Not this time machine though.
But it is not as simple as it is. Lets talk about my theory of time travel.
But first, you need to understand how I think of a time travel machine. The machine is a pill-shaped machine, made of glass and metal, with dials and a button to travel forwards and backwards in time.
Now since you know the structure, let's talk about my not confirmed law.
SirPhillipines' Law
The first problem is in age. If you time travel back to the 1990's, the problem is you would get younger. You could potentially disappear if you bypass your age backwards. Same thing with the future. You would get older the more you go forwards with time. But lets say we made it so you don't age. Second problem?
Part 2
Speed. Einstein's theory is probably what people used to solve the age problem. The faster you go, the slower you age, but the more fatal it is. At such a fast speed, the structure would break apart into pieces because of the tiny bits of friction in the air, and even if you had indestructible materials, your bones will break on the pressure that is pushing you into a wall. Even you fix that, your structure would become a meteor, and that is what makes the next problem.
Part 3
Let's say you fix the speed problem. Now you have direction to go. Which way would you go? For some reason, when people think of time machines, people think of what time they would go in, not what place they will land in. If you pick Russia, you can't possibly get there with the speed you are going. If you try to circle the Earth to get there, you would instantly pass it, while crushing structures with your high velocity. So what is the meteor thing? If your structure is a meteor, it would not just crush structures, it would burn them, causing pandemonium. But let's say someone said "Oh, I'll just go into space, turn around, and go back to Earth." No.
Part 3.5
If you go into space, the following could happen.- You could crash into a planet
- That planet's debris might crash into other planets
- Pandemonium in that system
- More crashing
- Uh oh... a meteor changed your direction
- You forget which way you went
- Wow, you went through a sun!
Uh oh.
And now you get it.
Part 4
This is a small one. Your pill-shaped time machine is a meteor, and you would burn to death because of the heat inside the structure. Air conditioners won't do, because your time machine would be about 3,000 degrees Fahrenheit.Part 5 (I promise, this is the last one)

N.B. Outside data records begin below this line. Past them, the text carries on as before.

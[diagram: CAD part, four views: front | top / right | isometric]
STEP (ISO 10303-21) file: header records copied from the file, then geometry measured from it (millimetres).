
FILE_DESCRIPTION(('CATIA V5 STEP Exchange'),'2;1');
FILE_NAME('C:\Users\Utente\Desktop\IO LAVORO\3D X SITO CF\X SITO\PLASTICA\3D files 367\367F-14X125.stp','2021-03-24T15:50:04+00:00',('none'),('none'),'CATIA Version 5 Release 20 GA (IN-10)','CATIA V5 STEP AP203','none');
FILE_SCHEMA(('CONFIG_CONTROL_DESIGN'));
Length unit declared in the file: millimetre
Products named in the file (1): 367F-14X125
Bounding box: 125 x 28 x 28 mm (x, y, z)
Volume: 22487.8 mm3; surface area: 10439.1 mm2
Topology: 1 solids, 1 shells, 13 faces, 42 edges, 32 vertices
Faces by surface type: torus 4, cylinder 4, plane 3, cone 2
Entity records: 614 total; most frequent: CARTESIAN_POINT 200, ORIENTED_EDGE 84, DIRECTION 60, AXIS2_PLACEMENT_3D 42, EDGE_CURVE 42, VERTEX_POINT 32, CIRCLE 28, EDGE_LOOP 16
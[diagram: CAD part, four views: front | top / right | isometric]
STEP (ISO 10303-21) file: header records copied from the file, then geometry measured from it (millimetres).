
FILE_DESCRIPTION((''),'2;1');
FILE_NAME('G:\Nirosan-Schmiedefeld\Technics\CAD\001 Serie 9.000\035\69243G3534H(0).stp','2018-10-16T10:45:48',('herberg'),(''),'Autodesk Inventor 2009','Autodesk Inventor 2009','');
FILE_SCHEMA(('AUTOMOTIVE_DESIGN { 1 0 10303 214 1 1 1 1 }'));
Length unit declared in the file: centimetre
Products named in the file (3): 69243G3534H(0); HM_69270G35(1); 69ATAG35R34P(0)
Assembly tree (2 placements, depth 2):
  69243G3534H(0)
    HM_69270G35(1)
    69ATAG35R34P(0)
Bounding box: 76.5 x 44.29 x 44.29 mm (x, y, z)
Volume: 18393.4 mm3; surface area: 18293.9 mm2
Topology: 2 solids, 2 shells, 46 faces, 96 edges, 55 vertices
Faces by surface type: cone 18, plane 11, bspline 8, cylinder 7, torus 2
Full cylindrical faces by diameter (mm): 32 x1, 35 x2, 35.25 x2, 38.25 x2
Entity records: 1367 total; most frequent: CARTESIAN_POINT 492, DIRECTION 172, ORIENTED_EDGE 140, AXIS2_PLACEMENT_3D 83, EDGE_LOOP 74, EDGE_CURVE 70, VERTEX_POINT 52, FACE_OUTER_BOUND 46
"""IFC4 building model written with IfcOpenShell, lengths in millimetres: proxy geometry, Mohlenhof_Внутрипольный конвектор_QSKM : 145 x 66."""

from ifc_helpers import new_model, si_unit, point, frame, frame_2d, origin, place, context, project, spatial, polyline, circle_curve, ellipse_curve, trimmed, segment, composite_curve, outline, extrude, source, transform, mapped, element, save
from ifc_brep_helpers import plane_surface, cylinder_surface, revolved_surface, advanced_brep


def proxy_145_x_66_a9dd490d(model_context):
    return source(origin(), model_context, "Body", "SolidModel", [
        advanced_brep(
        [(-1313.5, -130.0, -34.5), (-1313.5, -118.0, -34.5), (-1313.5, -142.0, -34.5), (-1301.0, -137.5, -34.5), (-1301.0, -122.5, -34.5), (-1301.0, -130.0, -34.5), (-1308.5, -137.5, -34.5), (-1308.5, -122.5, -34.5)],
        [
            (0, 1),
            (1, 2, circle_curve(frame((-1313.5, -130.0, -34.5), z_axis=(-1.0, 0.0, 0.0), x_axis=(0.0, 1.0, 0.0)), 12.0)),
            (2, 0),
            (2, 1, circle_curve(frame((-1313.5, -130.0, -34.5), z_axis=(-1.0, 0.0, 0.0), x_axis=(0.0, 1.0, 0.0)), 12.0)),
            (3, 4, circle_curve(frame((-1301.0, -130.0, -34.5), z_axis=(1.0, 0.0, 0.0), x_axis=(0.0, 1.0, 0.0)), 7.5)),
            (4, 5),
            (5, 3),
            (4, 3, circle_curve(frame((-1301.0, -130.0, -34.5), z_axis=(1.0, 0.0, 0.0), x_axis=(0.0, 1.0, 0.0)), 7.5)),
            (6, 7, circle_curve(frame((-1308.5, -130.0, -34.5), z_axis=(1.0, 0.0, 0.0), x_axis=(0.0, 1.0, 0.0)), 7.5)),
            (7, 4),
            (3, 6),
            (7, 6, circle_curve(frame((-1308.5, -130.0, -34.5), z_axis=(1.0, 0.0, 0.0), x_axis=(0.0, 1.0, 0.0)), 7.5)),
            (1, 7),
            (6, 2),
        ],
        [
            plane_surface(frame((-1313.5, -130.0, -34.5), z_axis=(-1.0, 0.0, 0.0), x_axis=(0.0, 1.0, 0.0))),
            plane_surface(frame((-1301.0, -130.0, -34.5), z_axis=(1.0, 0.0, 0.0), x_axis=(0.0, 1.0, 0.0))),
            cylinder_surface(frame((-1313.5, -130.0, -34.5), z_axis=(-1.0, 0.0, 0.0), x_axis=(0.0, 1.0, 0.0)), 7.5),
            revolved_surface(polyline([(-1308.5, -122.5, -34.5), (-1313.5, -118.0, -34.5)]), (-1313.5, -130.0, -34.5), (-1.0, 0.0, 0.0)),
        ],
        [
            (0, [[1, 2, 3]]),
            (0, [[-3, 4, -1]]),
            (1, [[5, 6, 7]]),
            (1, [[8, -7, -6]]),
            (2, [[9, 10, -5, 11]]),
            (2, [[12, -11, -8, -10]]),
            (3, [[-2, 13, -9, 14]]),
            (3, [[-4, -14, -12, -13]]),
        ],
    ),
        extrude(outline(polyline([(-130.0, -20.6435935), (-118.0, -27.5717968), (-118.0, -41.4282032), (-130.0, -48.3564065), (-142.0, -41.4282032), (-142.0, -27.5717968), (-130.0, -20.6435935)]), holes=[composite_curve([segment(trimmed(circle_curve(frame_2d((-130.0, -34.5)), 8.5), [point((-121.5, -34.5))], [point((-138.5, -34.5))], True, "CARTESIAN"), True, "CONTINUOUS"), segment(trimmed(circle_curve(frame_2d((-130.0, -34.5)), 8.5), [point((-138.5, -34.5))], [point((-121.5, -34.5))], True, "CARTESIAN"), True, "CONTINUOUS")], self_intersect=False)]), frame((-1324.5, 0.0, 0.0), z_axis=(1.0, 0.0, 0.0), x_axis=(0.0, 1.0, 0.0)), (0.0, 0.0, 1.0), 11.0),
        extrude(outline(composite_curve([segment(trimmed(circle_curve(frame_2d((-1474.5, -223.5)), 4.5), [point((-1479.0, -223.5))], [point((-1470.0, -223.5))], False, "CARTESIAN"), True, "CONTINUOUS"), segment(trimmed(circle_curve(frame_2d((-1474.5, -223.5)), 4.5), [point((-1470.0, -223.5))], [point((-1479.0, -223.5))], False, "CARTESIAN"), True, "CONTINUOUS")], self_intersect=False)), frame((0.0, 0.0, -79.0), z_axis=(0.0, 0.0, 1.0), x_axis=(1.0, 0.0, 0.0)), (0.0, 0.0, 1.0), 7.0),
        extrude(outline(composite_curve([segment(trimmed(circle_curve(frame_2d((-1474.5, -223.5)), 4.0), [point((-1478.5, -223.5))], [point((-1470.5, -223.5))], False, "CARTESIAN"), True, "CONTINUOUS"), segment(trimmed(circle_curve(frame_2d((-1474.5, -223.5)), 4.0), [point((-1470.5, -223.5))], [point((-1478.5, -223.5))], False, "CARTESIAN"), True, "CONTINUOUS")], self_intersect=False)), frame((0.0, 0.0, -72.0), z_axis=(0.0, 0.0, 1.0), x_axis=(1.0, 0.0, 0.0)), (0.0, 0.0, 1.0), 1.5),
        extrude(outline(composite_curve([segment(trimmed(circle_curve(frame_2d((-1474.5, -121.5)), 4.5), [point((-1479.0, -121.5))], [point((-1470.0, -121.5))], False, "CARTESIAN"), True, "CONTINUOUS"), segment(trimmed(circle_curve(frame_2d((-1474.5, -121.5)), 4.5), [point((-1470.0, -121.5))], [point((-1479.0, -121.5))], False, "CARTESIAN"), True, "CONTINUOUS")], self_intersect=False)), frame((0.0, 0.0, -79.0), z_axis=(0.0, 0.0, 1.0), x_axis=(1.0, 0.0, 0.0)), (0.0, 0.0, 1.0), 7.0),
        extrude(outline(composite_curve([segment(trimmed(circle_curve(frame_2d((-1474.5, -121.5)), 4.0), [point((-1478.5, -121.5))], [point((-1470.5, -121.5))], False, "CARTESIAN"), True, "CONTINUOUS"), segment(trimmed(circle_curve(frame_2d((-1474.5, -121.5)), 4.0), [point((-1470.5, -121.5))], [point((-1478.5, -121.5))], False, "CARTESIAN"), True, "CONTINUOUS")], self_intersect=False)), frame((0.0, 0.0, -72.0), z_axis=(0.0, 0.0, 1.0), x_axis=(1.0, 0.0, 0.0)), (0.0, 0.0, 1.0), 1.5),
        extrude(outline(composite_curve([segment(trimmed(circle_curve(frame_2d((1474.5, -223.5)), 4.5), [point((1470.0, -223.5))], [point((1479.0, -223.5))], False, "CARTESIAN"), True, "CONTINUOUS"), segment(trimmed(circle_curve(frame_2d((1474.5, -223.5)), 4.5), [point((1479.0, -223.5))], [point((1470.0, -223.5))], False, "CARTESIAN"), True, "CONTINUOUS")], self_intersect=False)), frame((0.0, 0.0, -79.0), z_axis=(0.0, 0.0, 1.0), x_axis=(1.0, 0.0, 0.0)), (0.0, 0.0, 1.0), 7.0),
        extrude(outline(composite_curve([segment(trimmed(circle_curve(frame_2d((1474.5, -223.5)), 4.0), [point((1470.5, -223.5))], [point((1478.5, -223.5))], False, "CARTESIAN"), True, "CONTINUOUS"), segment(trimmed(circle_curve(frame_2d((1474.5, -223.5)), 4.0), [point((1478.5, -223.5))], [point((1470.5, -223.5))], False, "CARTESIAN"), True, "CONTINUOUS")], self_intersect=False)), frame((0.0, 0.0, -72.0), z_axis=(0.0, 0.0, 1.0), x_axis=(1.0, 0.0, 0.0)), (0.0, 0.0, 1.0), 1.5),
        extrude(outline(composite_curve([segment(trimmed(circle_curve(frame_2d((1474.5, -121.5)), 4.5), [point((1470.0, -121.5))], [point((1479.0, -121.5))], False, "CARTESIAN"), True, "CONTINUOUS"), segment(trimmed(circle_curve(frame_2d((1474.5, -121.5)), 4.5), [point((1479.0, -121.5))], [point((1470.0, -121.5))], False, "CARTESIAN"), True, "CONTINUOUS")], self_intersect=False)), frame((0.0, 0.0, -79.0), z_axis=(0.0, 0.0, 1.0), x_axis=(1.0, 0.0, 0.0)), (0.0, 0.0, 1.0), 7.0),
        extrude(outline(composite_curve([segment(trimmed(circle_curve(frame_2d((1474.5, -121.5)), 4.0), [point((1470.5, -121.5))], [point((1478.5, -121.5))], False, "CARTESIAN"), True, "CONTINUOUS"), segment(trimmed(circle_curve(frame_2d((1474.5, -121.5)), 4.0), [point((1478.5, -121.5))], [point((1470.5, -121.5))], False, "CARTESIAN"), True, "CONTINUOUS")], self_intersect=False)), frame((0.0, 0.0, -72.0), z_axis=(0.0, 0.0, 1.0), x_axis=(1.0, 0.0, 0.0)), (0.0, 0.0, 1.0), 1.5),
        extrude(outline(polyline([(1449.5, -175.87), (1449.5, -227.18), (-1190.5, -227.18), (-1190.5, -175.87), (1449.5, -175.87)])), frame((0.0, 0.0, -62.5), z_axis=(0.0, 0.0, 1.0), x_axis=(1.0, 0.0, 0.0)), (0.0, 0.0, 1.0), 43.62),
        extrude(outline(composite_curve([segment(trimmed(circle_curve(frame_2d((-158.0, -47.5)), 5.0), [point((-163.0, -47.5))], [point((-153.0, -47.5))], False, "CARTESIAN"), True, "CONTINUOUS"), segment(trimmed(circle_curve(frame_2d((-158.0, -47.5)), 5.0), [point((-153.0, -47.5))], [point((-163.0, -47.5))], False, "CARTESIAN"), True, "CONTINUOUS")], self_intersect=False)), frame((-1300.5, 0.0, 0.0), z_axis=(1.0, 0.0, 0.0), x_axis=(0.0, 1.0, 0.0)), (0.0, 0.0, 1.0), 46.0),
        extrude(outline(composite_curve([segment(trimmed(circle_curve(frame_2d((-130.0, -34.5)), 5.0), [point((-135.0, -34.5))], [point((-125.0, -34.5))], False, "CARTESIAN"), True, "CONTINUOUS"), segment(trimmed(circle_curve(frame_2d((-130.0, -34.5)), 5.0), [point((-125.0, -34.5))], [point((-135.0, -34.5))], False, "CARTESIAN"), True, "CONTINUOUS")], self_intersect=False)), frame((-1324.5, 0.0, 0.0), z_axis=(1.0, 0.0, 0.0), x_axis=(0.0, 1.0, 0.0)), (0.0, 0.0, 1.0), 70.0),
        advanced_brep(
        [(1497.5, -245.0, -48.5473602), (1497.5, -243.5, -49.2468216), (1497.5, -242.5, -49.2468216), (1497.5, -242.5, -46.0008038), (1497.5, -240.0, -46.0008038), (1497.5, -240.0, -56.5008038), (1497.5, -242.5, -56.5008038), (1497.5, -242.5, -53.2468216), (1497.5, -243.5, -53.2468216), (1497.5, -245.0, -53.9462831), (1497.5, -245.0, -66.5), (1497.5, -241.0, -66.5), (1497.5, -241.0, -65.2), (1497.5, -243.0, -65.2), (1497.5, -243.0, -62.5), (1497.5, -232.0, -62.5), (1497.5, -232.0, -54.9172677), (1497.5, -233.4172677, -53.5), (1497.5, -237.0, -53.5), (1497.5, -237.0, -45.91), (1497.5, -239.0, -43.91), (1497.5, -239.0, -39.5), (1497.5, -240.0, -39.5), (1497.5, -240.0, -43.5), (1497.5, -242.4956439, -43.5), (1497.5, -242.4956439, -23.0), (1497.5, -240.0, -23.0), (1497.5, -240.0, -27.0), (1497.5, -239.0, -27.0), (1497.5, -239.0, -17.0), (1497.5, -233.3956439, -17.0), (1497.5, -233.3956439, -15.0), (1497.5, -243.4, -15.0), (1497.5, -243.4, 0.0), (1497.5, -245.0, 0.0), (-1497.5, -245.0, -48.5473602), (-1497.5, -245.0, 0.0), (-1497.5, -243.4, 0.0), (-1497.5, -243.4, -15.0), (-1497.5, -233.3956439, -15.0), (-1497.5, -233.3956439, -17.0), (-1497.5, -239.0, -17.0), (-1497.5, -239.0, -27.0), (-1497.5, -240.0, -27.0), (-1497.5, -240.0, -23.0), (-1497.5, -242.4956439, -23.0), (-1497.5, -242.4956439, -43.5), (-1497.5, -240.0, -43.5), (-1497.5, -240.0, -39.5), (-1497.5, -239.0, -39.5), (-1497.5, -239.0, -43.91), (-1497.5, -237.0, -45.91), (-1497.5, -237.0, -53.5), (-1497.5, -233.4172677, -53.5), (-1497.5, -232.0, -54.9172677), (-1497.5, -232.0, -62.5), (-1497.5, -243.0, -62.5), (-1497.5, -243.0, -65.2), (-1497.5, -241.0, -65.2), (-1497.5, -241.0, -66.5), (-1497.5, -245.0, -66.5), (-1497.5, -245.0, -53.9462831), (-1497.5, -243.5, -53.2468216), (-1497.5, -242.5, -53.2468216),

You solved all 4 parts, but this one is probably one is the hardest one to do. (I don't know what the name is, I'll call it change-time)
If you go too, let's say, at the World Trade Center, the date 9/10/01, the day right before 9/11. You could potentially alter history be doing one thing.
- Tell George W. Bush what can happen
- Al-Qaeda spies hear this
- They aim for Washington D.C. instead
- Washington D.C. in panic
Conclusion
Moral: Don't time travel it's not worth the risk.Does anyone know how to solve this? If so, put it in the chat.
Bye!
First, you have to try to get a special convex or concave lense and make a telescope. Make sure it is as fast as a mirror and aim the mirror and telescope binded together into space and put another mirror far away in space, or add a special type of chemical which reverses this effect. This will reverse the light and cause the light to come back twice as fast as the speed of light, causing you to be able to see 2 years back in time per lightyear away the exterior mirror is.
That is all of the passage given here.